TASK DETAILS
Copy from the first line below down to and including the line with "#6657=CARTESIAN_POINT('',(8.587,-49.291,3.101));". Skip the pictures.

RECORDED DATA
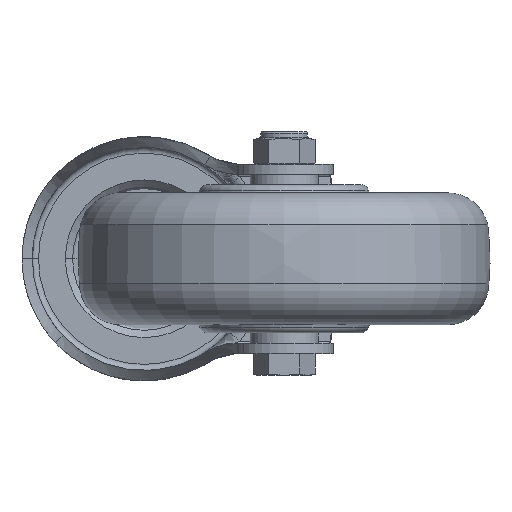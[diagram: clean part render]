
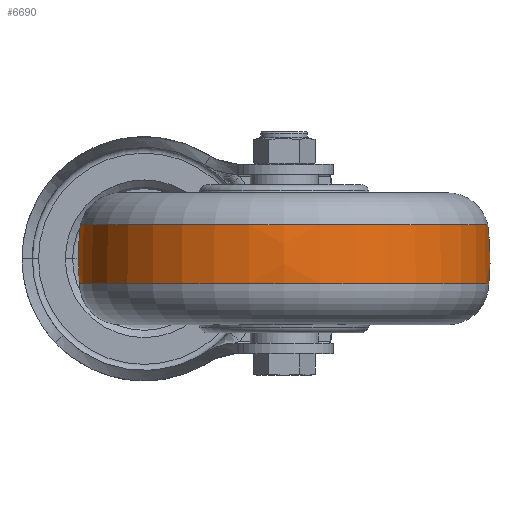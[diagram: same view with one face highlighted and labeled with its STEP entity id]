
A CAD part, front view. The second image highlights one B-rep face of the part: STEP entity #6690.
In plain terms, the highlighted free-form (B-spline) face has degree [3, 3] with [7, 4] control points.
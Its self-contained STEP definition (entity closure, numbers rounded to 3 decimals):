
#6075=CARTESIAN_POINT('',(-6.012,0.,0.));
#6076=DIRECTION('',(-1.,0.,0.));
#6077=DIRECTION('',(0.,1.,0.));
#6078=AXIS2_PLACEMENT_3D('',#6075,#6076,#6077);
#6090=CARTESIAN_POINT('',(0.,-11.437,0.));
#6091=DIRECTION('',(0.,0.,1.));
#6092=DIRECTION('',(0.135,0.991,0.));
#6093=AXIS2_PLACEMENT_3D('',#6090,#6091,#6092);
#6095=CARTESIAN_POINT('',(0.,11.437,0.));
#6096=DIRECTION('',(0.,0.,-1.));
#6097=DIRECTION('',(0.135,-0.991,0.));
#6098=AXIS2_PLACEMENT_3D('',#6095,#6096,#6097);
#6100=CARTESIAN_POINT('',(8.303,0.,0.));
#6101=DIRECTION('',(-1.,0.,0.));
#6102=DIRECTION('',(0.,1.,0.));
#6103=AXIS2_PLACEMENT_3D('',#6100,#6101,#6102);
#6315=CARTESIAN_POINT('',(-6.012,49.697,0.));
#6317=VERTEX_POINT('',#6315);
#6319=CARTESIAN_POINT('',(-6.012,-49.697,
0.));
#6321=VERTEX_POINT('',#6319);
#6348=CARTESIAN_POINT('',(8.303,49.428,0.));
#6350=VERTEX_POINT('',#6348);
#6352=CARTESIAN_POINT('',(8.303,-49.428,
0.));
#6354=VERTEX_POINT('',#6352);
#6654=CARTESIAN_POINT('',(-6.298,-49.57,
3.119));
#6655=CARTESIAN_POINT('',(-1.337,-50.08,
3.151));
#6656=CARTESIAN_POINT('',(3.649,-49.987,3.145));
#6657=CARTESIAN_POINT('',(8.587,-49.291,3.101));
#6658=CARTESIAN_POINT('',(-6.298,-51.489,
-27.387));
#6659=CARTESIAN_POINT('',(-1.337,-52.019,
-27.668));
#6660=CARTESIAN_POINT('',(3.649,-51.922,
-27.617));
#6661=CARTESIAN_POINT('',(8.587,-51.199,
-27.232));
#6662=CARTESIAN_POINT('',(-6.298,-30.566,
-49.668));
#6663=CARTESIAN_POINT('',(-1.337,-30.88,
-50.179));
#6664=CARTESIAN_POINT('',(3.649,-30.823,
-50.085));
#6665=CARTESIAN_POINT('',(8.587,-30.393,
-49.388));
#6666=CARTESIAN_POINT('',(-6.298,0.,-49.668));
#6667=CARTESIAN_POINT('',(-1.337,0.,-50.179));
#6668=CARTESIAN_POINT('',(3.649,0.,
-50.085));
#6669=CARTESIAN_POINT('',(8.587,0.,-49.388));
#6670=CARTESIAN_POINT('',(-6.298,30.566,
-49.668));
#6671=CARTESIAN_POINT('',(-1.337,30.88,
-50.179));
#6672=CARTESIAN_POINT('',(3.649,30.823,-50.085));
#6673=CARTESIAN_POINT('',(8.587,30.393,-49.388));
#6674=CARTESIAN_POINT('',(-6.298,51.489,
-27.387));
#6675=CARTESIAN_POINT('',(-1.337,52.019,
-27.668));
#6676=CARTESIAN_POINT('',(3.649,51.922,-27.617));
#6677=CARTESIAN_POINT('',(8.587,51.199,-27.232));
#6678=CARTESIAN_POINT('',(-6.298,49.57,3.119));
#6679=CARTESIAN_POINT('',(-1.337,50.08,3.151));
#6680=CARTESIAN_POINT('',(3.649,49.987,3.145));
#6681=CARTESIAN_POINT('',(8.587,49.291,3.101));
#6682=(BOUNDED_SURFACE()B_SPLINE_SURFACE(3,3,((#6654,#6655,#6656,#6657),(#6658,
#6659,#6660,#6661),(#6662,#6663,#6664,#6665),(#6666,#6667,#6668,#6669),(#6670,
#6671,#6672,#6673),(#6674,#6675,#6676,#6677),(#6678,#6679,#6680,#6681)),
.UNSPECIFIED.,.F.,.F.,.F.)B_SPLINE_SURFACE_WITH_KNOTS((4,3,4),(4,4),(0.,1.,
2.),(0.,1.),.UNSPECIFIED.)GEOMETRIC_REPRESENTATION_ITEM()RATIONAL_B_SPLINE_SURFACE(((1.192,1.186,1.186,1.192),(
0.941,0.936,0.936,0.941),(
0.941,0.936,0.936,0.941),(
1.192,1.186,1.186,1.192),(
0.941,0.936,0.936,0.941),(
0.941,0.936,0.936,0.941),(
1.192,1.186,1.186,1.192)))REPRESENTATION_ITEM('')SURFACE());
#6683=ORIENTED_EDGE('',*,*,#6644,.T.);
#6684=ORIENTED_EDGE('',*,*,#6597,.T.);
#6685=ORIENTED_EDGE('',*,*,#6648,.F.);
#6687=ORIENTED_EDGE('',*,*,#6686,.F.);
#6688=EDGE_LOOP('',(#6683,#6684,#6685,#6687));
#6689=FACE_OUTER_BOUND('',#6688,.F.);
#6079=CIRCLE('',#6078,49.697);
#6094=CIRCLE('',#6093,61.429);
#6099=CIRCLE('',#6098,61.429);
#6104=CIRCLE('',#6103,49.428);
#6597=EDGE_CURVE('',#6317,#6321,#6079,.T.);
#6644=EDGE_CURVE('',#6350,#6317,#6094,.T.);
#6648=EDGE_CURVE('',#6354,#6321,#6099,.T.);
#6686=EDGE_CURVE('',#6350,#6354,#6104,.T.);
#6690=ADVANCED_FACE('',(#6689),#6682,.T.);

SOLUTION FOR THIS PROBLEM
[diagram: clean part render]
[diagram: same view with one face highlighted and labeled with its STEP entity id]
A CAD part, front view. The second image highlights one B-rep face of the part: STEP entity #6690.
In plain terms, the highlighted free-form (B-spline) face has degree [3, 3] with [7, 4] control points.
Its self-contained STEP definition (entity closure, numbers rounded to 3 decimals):
#6075=CARTESIAN_POINT('',(-6.012,0.,0.));
#6076=DIRECTION('',(-1.,0.,0.));
#6077=DIRECTION('',(0.,1.,0.));
#6078=AXIS2_PLACEMENT_3D('',#6075,#6076,#6077);
#6090=CARTESIAN_POINT('',(0.,-11.437,0.));
#6091=DIRECTION('',(0.,0.,1.));
#6092=DIRECTION('',(0.135,0.991,0.));
#6093=AXIS2_PLACEMENT_3D('',#6090,#6091,#6092);
#6095=CARTESIAN_POINT('',(0.,11.437,0.));
#6096=DIRECTION('',(0.,0.,-1.));
#6097=DIRECTION('',(0.135,-0.991,0.));
#6098=AXIS2_PLACEMENT_3D('',#6095,#6096,#6097);
#6100=CARTESIAN_POINT('',(8.303,0.,0.));
#6101=DIRECTION('',(-1.,0.,0.));
#6102=DIRECTION('',(0.,1.,0.));
#6103=AXIS2_PLACEMENT_3D('',#6100,#6101,#6102);
#6315=CARTESIAN_POINT('',(-6.012,49.697,0.));
#6317=VERTEX_POINT('',#6315);
#6319=CARTESIAN_POINT('',(-6.012,-49.697,
0.));
#6321=VERTEX_POINT('',#6319);
#6348=CARTESIAN_POINT('',(8.303,49.428,0.));
#6350=VERTEX_POINT('',#6348);
#6352=CARTESIAN_POINT('',(8.303,-49.428,
0.));
#6354=VERTEX_POINT('',#6352);
#6654=CARTESIAN_POINT('',(-6.298,-49.57,
3.119));
#6655=CARTESIAN_POINT('',(-1.337,-50.08,
3.151));
#6656=CARTESIAN_POINT('',(3.649,-49.987,3.145));
#6657=CARTESIAN_POINT('',(8.587,-49.291,3.101));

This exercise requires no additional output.